Genre : Reggae Jamaica
Note : ****
Uhuru ! Inutile de coasser bêtement quelques gauloiseries scabreuses sur le son qu’émet le dahut sauvage au moment de l’orgasme le soir dans la profondeur suintante des forêts moussonneuses, Uhuru est comme Mau Mau, Massaï et Touareg, un nom guerrier qui phonétiquement s’apparente plutôt au déchirement de l’air chaud par les cuspides acérées des lances, guttural comme la formule malveillante du sorcier kumina, animal comme la clameur du taureau à la charge. Je vous signale que cet album, 3ème du trio jamaïquain s’intitule «ROUGE». Reggae corrida ! Autant de coups de corne et de ruades que les jours de fête à Pampelune ! Michael Rose affiche le nec plus ultra de l’arrogance d’Orange Street, rudie en cuir noir, ceinture débouclée, militant cap de guingois laissant échapper une grappe de dreadlocks comme des mèches de dynamite. La dynamite tranquille du reggae. Black Uhuru déclenche l’alerte ROUGE, le sang éclabousse les chevilles, les armes aboient et les cadavres trépassent. Le trio annonce la couleur, «The youth of Eglington won’t put down their Remington», les jeunôts d’Eglington, ghetto à la lisière de Kingston, ne lâcheront pas leurs pistolets tant que leurs petits frères auront à souffrir de faim et d’ignorance.

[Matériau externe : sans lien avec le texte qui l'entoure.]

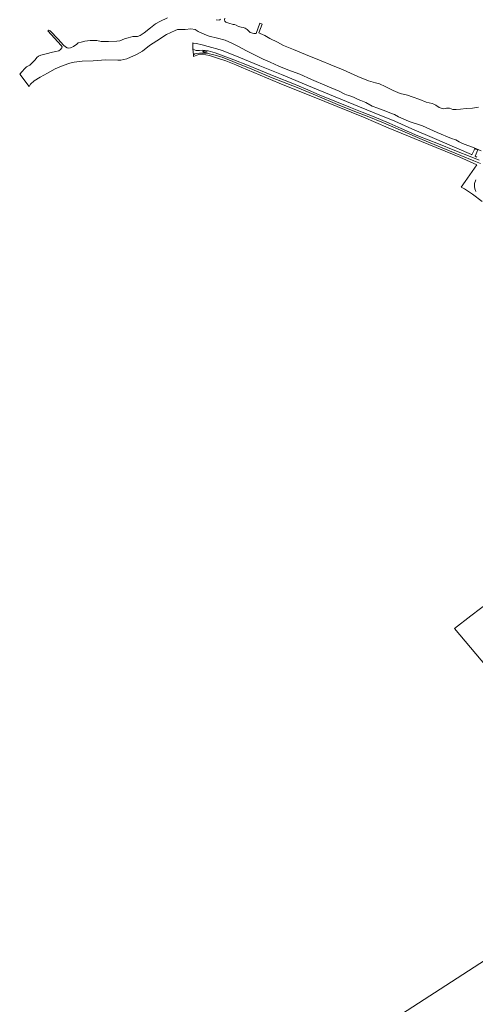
# Model space of a CAD drawing. Extents: x 196936 to 200438, y 361224 to 364196.
# Tile 44 of 256: x 196936 to 197177, y 362936 to 363459. Entities that reach past the tile are written whole.
import ezdxf

# ---------------------------------------------------------------- set-up
doc = ezdxf.new("R2010")
doc.units = 0
for name, color, linetype, lineweight in [('B-ME-GR-BOUWLAND_AKKERBOUW-GV', 80, 'Continuous', 13), ('B-ME-GR-GRAS-GV', 60, 'Continuous', 13), ('B-ME-IE-TERREINAFSCHEIDING_KUNSTMATIG_HEKWERK-G', 20, 'IE-TERREINAFSCHEIDING-KUNSTMATIG', 18), ('B-ME-OG-WATER_BEEK-GV', 150, 'Continuous', 18), ('B-ME-VH-ONVERHARD-GV', 252, 'Continuous', 18)]:
    doc.layers.add(name, color=color, linetype=linetype, lineweight=lineweight)
doc.linetypes.add('IE-TERREINAFSCHEIDING-KUNSTMATIG', pattern='A,4,[82,NLCS.SHX,S=0.75,R=90,X=0,Y=0],4,-2', length=10)

msp = doc.modelspace()

# ---------------------------------------------------------------- linework, layer by layer
at = {"layer": 'B-ME-GR-BOUWLAND_AKKERBOUW-GV'}
for points in [[(197267.989, 363014.966, 18.764), (197166.366, 363135.683, 18.644), (197175.026, 363142.337, 18.604), (197185.245, 363150.052, 18.824)], [(197123.212, 362921.359, 19.131), (197245.399, 363000.361, 19.253), (197249.663, 362997.896, 19.253), (197252.92, 362996.046, 19.253), (197257.409, 362993.187, 19.262), (197260.58, 362991.428, 19.313), (197264.558, 362989.171, 19.322), (197276.803, 362982.917, 19.346), (197286.687, 362978.294, 19.322), (197298.864, 362972.837, 19.271), (197305.78, 362970.707, 19.21), (197372.539, 362892.522, 19.536)]]:
    msp.add_polyline3d(points, dxfattribs=at)
at = {"layer": 'B-ME-GR-GRAS-GV'}
for points in [[(197179.3884, 363384.0727, 17.3982), (197175.4545, 363385.6317, 17.4517), (197166.4591, 363389.1438, 17.4131), (197157.8408, 363392.6886, 17.4487), (197146.9408, 363397.0174, 17.5467), (197138.0502, 363400.9012, 17.5289), (197131.6476, 363403.7333, 17.4992), (197123.7992, 363407.0728, 17.5497), (197117.3929, 363409.4128, 17.4992), (197111.2723, 363412.0168, 17.5378), (197103.7495, 363415.0257, 17.5467), (197094.667, 363418.7425, 17.6002), (197087.3051, 363421.9409, 17.6536), (197080.5999, 363424.6157, 17.6418), (197071.6493, 363428.1895, 17.6358), (197063.4419, 363431.5539, 17.6418), (197056.5037, 363434.492, 17.6982), (197049.2895, 363437.277, 17.7932), (197043.6489, 363439.4384, 18.0189), (197039.4486, 363440.955, 18.1823), (197035.6666, 363442.074, 18.3694), (197032.6985, 363442.3667, 18.6486), (197031.0752, 363442.2725, 18.7407), (197030.223, 363442.137, 18.7674), (197029.4253, 363442.174, 18.8208), (197028.797, 363442.3472, 18.806), (197027.6453, 363443.0652, 18.7763), (197027.524, 363444.428, 18.767), (197027.525, 363446.224, 18.779), (197027.92, 363446.118, 18.806), (197029.4697, 363445.8814, 18.5551), (197032.5942, 363445.2475, 18.5322), (197035.7717, 363444.2802, 18.332), (197037.6378, 363443.788, 18.1862), (197040.3438, 363443.1402, 18.0832), (197043.1203, 363442.2143, 17.9974), (197049.8715, 363439.6065, 17.5941), (197063.0936, 363434.0045, 17.4912), (197074.5352, 363429.513, 17.5341), (197091.1106, 363422.4984, 17.5427), (197106.1044, 363416.3366, 17.5655), (197122.9241, 363409.4397, 17.4797), (197134.7818, 363404.6462, 17.4569), (197143.6864, 363400.5665, 17.4368), (197155.7725, 363395.4938, 17.434), (197167.5859, 363390.483, 17.351), (197175.287, 363387.027, 17.311), (197175.561, 363386.905, 17.311), (197176.683, 363389.422, 18.286), (197176.991, 363390.113, 18.536), (197178.7305, 363389.518, 18.4909), (197177.2509, 363386.1154, 17.496), (197178.2186, 363385.6959, 17.4871)], [(197181.043, 363362.164, 17.829), (197175.818, 363365.946, 17.923), (197171.562, 363368.797, 18.048), (197169.95, 363369.667, 18.056), (197172.061, 363372.67, 17.802), (197178.156, 363381.63, 17.428), (197169.121, 363385.581, 17.518), (197148.871, 363393.894, 17.665), (197131.112, 363401.248, 17.75), (197118.018, 363406.824, 17.712), (197097.5, 363415.218, 17.735), (197073.33, 363424.95, 17.851), (197053.14, 363433.312, 17.797), (197050.3171, 363434.6364, 17.891), (197045.0786, 363436.7363, 17.9625), (197040.1898, 363438.3862, 18.1303), (197036.4878, 363439.5674, 18.4328), (197032.5723, 363440.1838, 18.738), (197030.724, 363440.0417, 18.8233), (197029.704, 363439.7784, 18.8728), (197028.007, 363439.003, 18.804), (197027.9329, 363439.8349, 18.7983), (197028.6211, 363440.359, 18.8543), (197029.612, 363440.653, 18.7474), (197031.0543, 363440.855, 18.7147), (197033.2749, 363440.7985, 18.5751), (197035.6499, 363440.6299, 18.4533), (197038.6857, 363439.9111, 18.1949), (197043.1535, 363438.6008, 18.0167), (197048.825, 363436.417, 17.8475), (197058.8753, 363432.2807, 17.699), (197069.6984, 363427.7485, 17.6603), (197082.8746, 363422.4983, 17.6693), (197093.5349, 363418.1313, 17.6158), (197104.2824, 363413.5598, 17.6455), (197113.4672, 363409.8866, 17.6009), (197120.0713, 363407.3323, 17.595), (197128.6672, 363403.7567, 17.6247), (197138.8621, 363399.3977, 17.592), (197149.1187, 363394.9939, 17.5237), (197159.8674, 363390.5864, 17.5178), (197169.7591, 363386.5887, 17.4554), (197176.5514, 363383.7093, 17.4376), (197180.1222, 363382.2018, 17.3752)], [(197177.6681, 363373.5931, 17.6099), (197177.0154, 363371.6872, 17.598), (197176.9275, 363370.0077, 17.6099), (197177.1053, 363368.8892, 17.6009), (197177.6002, 363367.4934, 17.5712)]]:
    msp.add_polyline3d(points, dxfattribs=at)
at = {"layer": 'B-ME-IE-TERREINAFSCHEIDING_KUNSTMATIG_HEKWERK-G'}
msp.add_polyline3d([(197166.366, 363135.683, 18.644), (197175.026, 363142.337, 18.604), (197185.245, 363150.052, 18.824), (197194.977, 363157.345, 19.184), (197205.217, 363164.938, 19.461), (197214.117, 363171.591, 19.689), (197223.84, 363178.721, 20.05), (197229.461, 363182.81, 20.186), (197239.74, 363190.554, 20.418), (197251.752, 363199.54, 20.531), (197263.755, 363208.325, 20.791), (197272.266, 363214.611, 21.002), (197287.975, 363226.221, 21.07), (197297.593, 363233.498, 21.06), (197306.414, 363239.893, 20.755), (197317.867, 363248.174, 20.527), (197321.77, 363251.03, 20.183), (197325.801, 363253.9, 19.707), (197331.84, 363258.128, 19.285), (197338.355, 363262.935, 18.818), (197343.302, 363266.454, 18.279), (197349.955, 363271.443, 17.878), (197355.716, 363275.763, 17.549)], dxfattribs=at)
at = {"layer": 'B-ME-OG-WATER_BEEK-GV'}
for points in [[(197180.5162, 363389.0038, 16.095), (197176.8412, 363390.5153, 16.095), (197170.5342, 363392.8657, 16.095), (197168.7599, 363393.7972, 16.095), (197167.0654, 363394.8384, 16.095), (197164.8129, 363395.5725, 16.095), (197157.0849, 363398.6884, 16.095), (197149.3839, 363402.2455, 16.095), (197142.3708, 363404.5286, 16.095), (197140.3712, 363405.3514, 16.095), (197136.7184, 363406.9551, 16.095), (197134.5337, 363408.331, 16.095), (197131.9982, 363409.1657, 16.095), (197129.9437, 363410.0284, 16.095), (197125.6679, 363411.5816, 16.095), (197122.7397, 363412.5966, 16.095), (197119.322, 363414.5532, 16.095), (197116.7102, 363415.7156, 16.095), (197115.3152, 363416.2462, 16.095), (197112.8255, 363417.4037, 16.095), (197110.3385, 363418.3918, 16.095), (197108.9935, 363418.7605, 16.095), (197108.2355, 363419.1011, 16.095), (197105.1062, 363420.6181, 16.095), (197098.8964, 363423.3444, 16.095), (197090.5524, 363426.8235, 16.095), (197084.3674, 363429.6993, 16.095), (197078.0398, 363431.9457, 16.095), (197073.2626, 363433.9046, 16.095), (197068.6597, 363435.9883, 16.095), (197064.9321, 363437.6043, 16.095), (197060.3153, 363439.9285, 16.095), (197056.004, 363442.01, 16.095), (197051.7649, 363444.2486, 16.095), (197048.3536, 363446.012, 16.095), (197044.6772, 363447.6119, 16.095), (197040.7096, 363448.753, 16.095), (197036.2212, 363449.8112, 16.095), (197034.0483, 363450.6551, 16.095), (197030.5101, 363452.3012, 16.095), (197028.8629, 363453.35, 16.095), (197026.627, 363453.6741, 16.095), (197023.5071, 363453.2995, 16.095), (197020.6982, 363453.4112, 16.095), (197019.5071, 363453.2704, 16.095), (197018.2389, 363452.8504, 16.095), (197013.6243, 363450.7334, 16.095), (197008.4564, 363447.3634, 16.095), (197004.6471, 363444.9133, 16.095), (197000.877, 363441.9112, 16.095), (196997.7773, 363440.035, 16.095), (196992.6144, 363437.8552, 16.095), (196989.389, 363437.0755, 16.095), (196987.8326, 363437.095, 16.095), (196981.4574, 363437.198, 16.095), (196974.7237, 363436.8071, 16.095), (196968.8536, 363436.4807, 16.095), (196964.7717, 363436.0503, 16.095), (196962.3835, 363435.5008, 16.095), (196958.8557, 363434.3332, 16.095), (196954.6844, 363432.4808, 16.095), (196950.5297, 363430.2185, 16.095), (196946.5805, 363428.0374, 16.095), (196943.426, 363426.2011, 16.095), (196941.5912, 363424.3075, 16.095), (196940.7607, 363423.0946, 16.0951), (196935.8111, 363429.6748, 16.0951), (196936.8964, 363430.9395, 16.095), (196938.588, 363432.6646, 16.095), (196939.5006, 363433.4893, 16.095), (196941.2142, 363434.4655, 16.095), (196942.504, 363435.6656, 16.095), (196943.9901, 363437.3096, 16.095), (196944.9646, 363438.5081, 16.095), (196945.7937, 363439.2467, 16.095), (196947.0855, 363439.6705, 16.095), (196949.9208, 363440.461, 16.095), (196953.2883, 363441.2633, 16.095), (196954.9152, 363441.7161, 16.095), (196956.5137, 363442.043, 16.095), (196957.48, 363442.682, 16.095), (196958.1768, 363443.6423, 16.095), (196958.2909, 363444.1458, 16.095), (196957.7917, 363444.8431, 16.095), (196950.7305, 363452.6342, 16.095), (196951.3119, 363453.0476, 16.095), (196952.0377, 363452.6415, 16.095), (196956.1695, 363448.1773, 16.095), (196959.0975, 363445.0264, 16.095), (196960.0518, 363444.0617, 16.095), (196961.033, 363443.5381, 16.095), (196961.9229, 363443.4368, 16.095), (196962.7638, 363443.6433, 16.095), (196964.246, 363444.243, 16.095), (196966.0253, 363445.5695, 16.095), (196966.8658, 363446.237, 16.095), (196968.3184, 363446.5651, 16.095), (196970.3527, 363447.2039, 16.095), (196973.1089, 363447.4237, 16.095), (196976.664, 363447.5034, 16.095), (196979.0682, 363447.0361, 16.095), (196982.8939, 363446.9404, 16.095), (196987.2576, 363447.1244, 16.095), (196988.9147, 363447.3879, 16.095), (196990.0967, 363447.8913, 16.095), (196991.4359, 363448.3226, 16.095), (196993.3679, 363448.9938, 16.095), (196995.7325, 363449.5396, 16.095), (196997.1829, 363449.576, 16.095), (196998.3418, 363449.6146, 16.095), (196999.6895, 363450.1443, 16.095), (197001.8401, 363451.5784, 16.095), (197005.2169, 363454.1539, 16.095), (197007.8775, 363456.3486, 16.095), (197010.0232, 363457.6605, 16.095), (197014.2295, 363459.4456, 16.095)], [(197039.9043, 363458.5516, 16.095), (197041.522, 363458.2991, 16.095), (197041.8459, 363458.3991, 16.095), (197042.2753, 363458.9043, 16.095)], [(197044.6237, 363459.3989, 16.095), (197044.3879, 363458.4392, 16.095), (197044.5095, 363457.8275, 16.095), (197045.0646, 363457.2361, 16.095), (197046.7275, 363456.6996, 16.095), (197048.9961, 363456.0166, 16.095), (197049.7214, 363456.0348, 16.095), (197050.6214, 363455.7167, 16.095), (197051.8259, 363455.0102, 16.095), (197053.1585, 363454.5667, 16.095), (197054.3038, 363454.3847, 16.095), (197055.2824, 363454.0306, 16.095), (197056.3298, 363453.3962, 16.095), (197056.971, 363452.7214, 16.095), (197057.9614, 363451.8352, 16.095), (197059.9159, 363451.2965, 16.095), (197061.2469, 363451.1683, 16.095), (197063.1451, 363456.7853, 16.095), (197064.398, 363456.2321, 16.095), (197062.5973, 363451.5286, 16.095), (197063.2654, 363451.295, 16.095), (197065.81, 363450.0976, 16.095), (197068.4148, 363448.5215, 16.095), (197072.4394, 363446.5643, 16.095), (197075.6537, 363444.8181, 16.095), (197080.9468, 363442.8199, 16.095), (197087.361, 363440.0291, 16.095), (197095.5802, 363436.7243, 16.095), (197100.8485, 363434.5765, 16.095), (197107.3747, 363431.9976, 16.095), (197115.1392, 363428.4991, 16.095), (197120.804, 363426.1474, 16.095), (197124.3654, 363424.9661, 16.095), (197126.5604, 363424.4412, 16.095), (197129.5811, 363423.1497, 16.095), (197133.8364, 363420.9622, 16.095), (197137.5688, 363419.4683, 16.095), (197141.3481, 363418.4429, 16.095), (197143.825, 363417.6717, 16.095), (197147.8614, 363416.2503, 16.095), (197151.3222, 363414.786, 16.095), (197154.4296, 363414.0179, 16.095), (197155.3856, 363413.8059, 16.095), (197156.4841, 363413.1553, 16.095), (197158.1813, 363411.9446, 16.095), (197160.3241, 363411.2901, 16.095), (197161.6261, 363411.4971, 16.095), (197162.1431, 363411.6036, 16.095), (197163.6086, 363411.5453, 16.095), (197165.3812, 363410.929, 16.095), (197167.2691, 363410.9622, 16.095), (197169.5158, 363411.0281, 16.095), (197172.5135, 363411.4075, 16.095), (197175.8217, 363411.6665, 16.095), (197179.0412, 363412.1782, 16.095)]]:
    msp.add_polyline3d(points, dxfattribs=at)
at = {"layer": 'B-ME-VH-ONVERHARD-GV'}
for points in [[(197180.1222, 363382.2018, 17.3752), (197176.5514, 363383.7093, 17.4376), (197169.7591, 363386.5887, 17.4554), (197159.8674, 363390.5864, 17.5178), (197149.1187, 363394.9939, 17.5237), (197138.8621, 363399.3977, 17.592), (197128.6672, 363403.7567, 17.6247), (197120.0713, 363407.3323, 17.595), (197113.4672, 363409.8866, 17.6009), (197104.2824, 363413.5598, 17.6455), (197093.5349, 363418.1313, 17.6158), (197082.8746, 363422.4983, 17.6693), (197069.6984, 363427.7485, 17.6603), (197058.8753, 363432.2807, 17.699), (197048.825, 363436.417, 17.8475), (197043.1535, 363438.6008, 18.0167), (197038.6857, 363439.9111, 18.1949), (197035.6499, 363440.6299, 18.4533), (197033.2749, 363440.7985, 18.5751), (197031.0543, 363440.855, 18.7147), (197029.612, 363440.653, 18.7474), (197028.6211, 363440.359, 18.8543), (197027.9329, 363439.8349, 18.7983), (197027.6453, 363443.0652, 18.7763), (197028.797, 363442.3472, 18.806), (197029.4253, 363442.174, 18.8208), (197030.223, 363442.137, 18.7674), (197031.0752, 363442.2725, 18.7407), (197032.6985, 363442.3667, 18.6486), (197035.6666, 363442.074, 18.3694), (197039.4486, 363440.955, 18.1823), (197043.6489, 363439.4384, 18.0189), (197049.2895, 363437.277, 17.7932), (197056.5037, 363434.492, 17.6982), (197063.4419, 363431.5539, 17.6418), (197071.6493, 363428.1895, 17.6358), (197080.5999, 363424.6157, 17.6418), (197087.3051, 363421.9409, 17.6536), (197094.667, 363418.7425, 17.6002), (197103.7495, 363415.0257, 17.5467), (197111.2723, 363412.0168, 17.5378), (197117.3929, 363409.4128, 17.4992), (197123.7992, 363407.0728, 17.5497), (197131.6476, 363403.7333, 17.4992), (197138.0502, 363400.9012, 17.5289), (197146.9408, 363397.0174, 17.5467), (197157.8408, 363392.6886, 17.4487), (197166.4591, 363389.1438, 17.4131), (197175.4545, 363385.6317, 17.4517), (197179.3884, 363384.0727, 17.3982)], [(197177.6002, 363367.4934, 17.5712), (197177.1053, 363368.8892, 17.6009), (197176.9275, 363370.0077, 17.6099), (197177.0154, 363371.6872, 17.598), (197177.6681, 363373.5931, 17.6099)]]:
    msp.add_polyline3d(points, dxfattribs=at)
msp.add_polyline3d([(197033.649, 363441.1985, 18.5368), (197034.3448, 363441.1473, 18.4818), (197035.1599, 363441.2364, 18.4466), (197035.2854, 363441.3373, 18.4466), (197035.1617, 363441.4794, 18.4554), (197034.127, 363441.8813, 18.4994), (197033.3585, 363441.8805, 18.5258), (197033.0097, 363441.7846, 18.528), (197032.9788, 363441.5976, 18.5302), (197033.2168, 363441.3725, 18.5346)], close=True, dxfattribs=at)

doc.saveas('drawing.dxf')

Ce n’est ni une menace, ni une réprobation, juste l’expertise à chaud d’un climat plutôt enclin à la violence, car le reggae est toujours concerné par son environnement et les récentes émeutes de Brixton, les crimes d’Atlanta, les guerres fratricides qui saignent l’Afrique et les problèmes internes de l’île imposent une certaine contention. Black Uhuru délaisse la dimension prophétique qui embarrassait les derniers crus pour la célébration du quotidien avec ses incitations à la solidarité («Sistren») et ses pousse-pousses endiablés, «Sponji Reggae», «Puff She Puff», spongieux et touchés par le lyrisme en dentelle d’Abyssinie des vocaux. Car si les chansons sont depuis trois albums plus ou moins tissées avec la même bobine, la performance elle, conjugue merveilleusement l’originalité des voix pleines d’arabesques et de roucoulades et l’ubangi Stomp de la rythmique Sly Dunbar - Robbie Shakespeare, forgerons du séisme intégral. «Red» dans le jargon jamaïquain signifie «défoncé», «allumé», le firmament de la déjante tropicale. Ce n’est pas parce que Black Uhuru traite de choses sérieuses qu’il faut en devenir morose. Ce disque s’appelle «ROUGE» ! Faites chauffer les cartilages !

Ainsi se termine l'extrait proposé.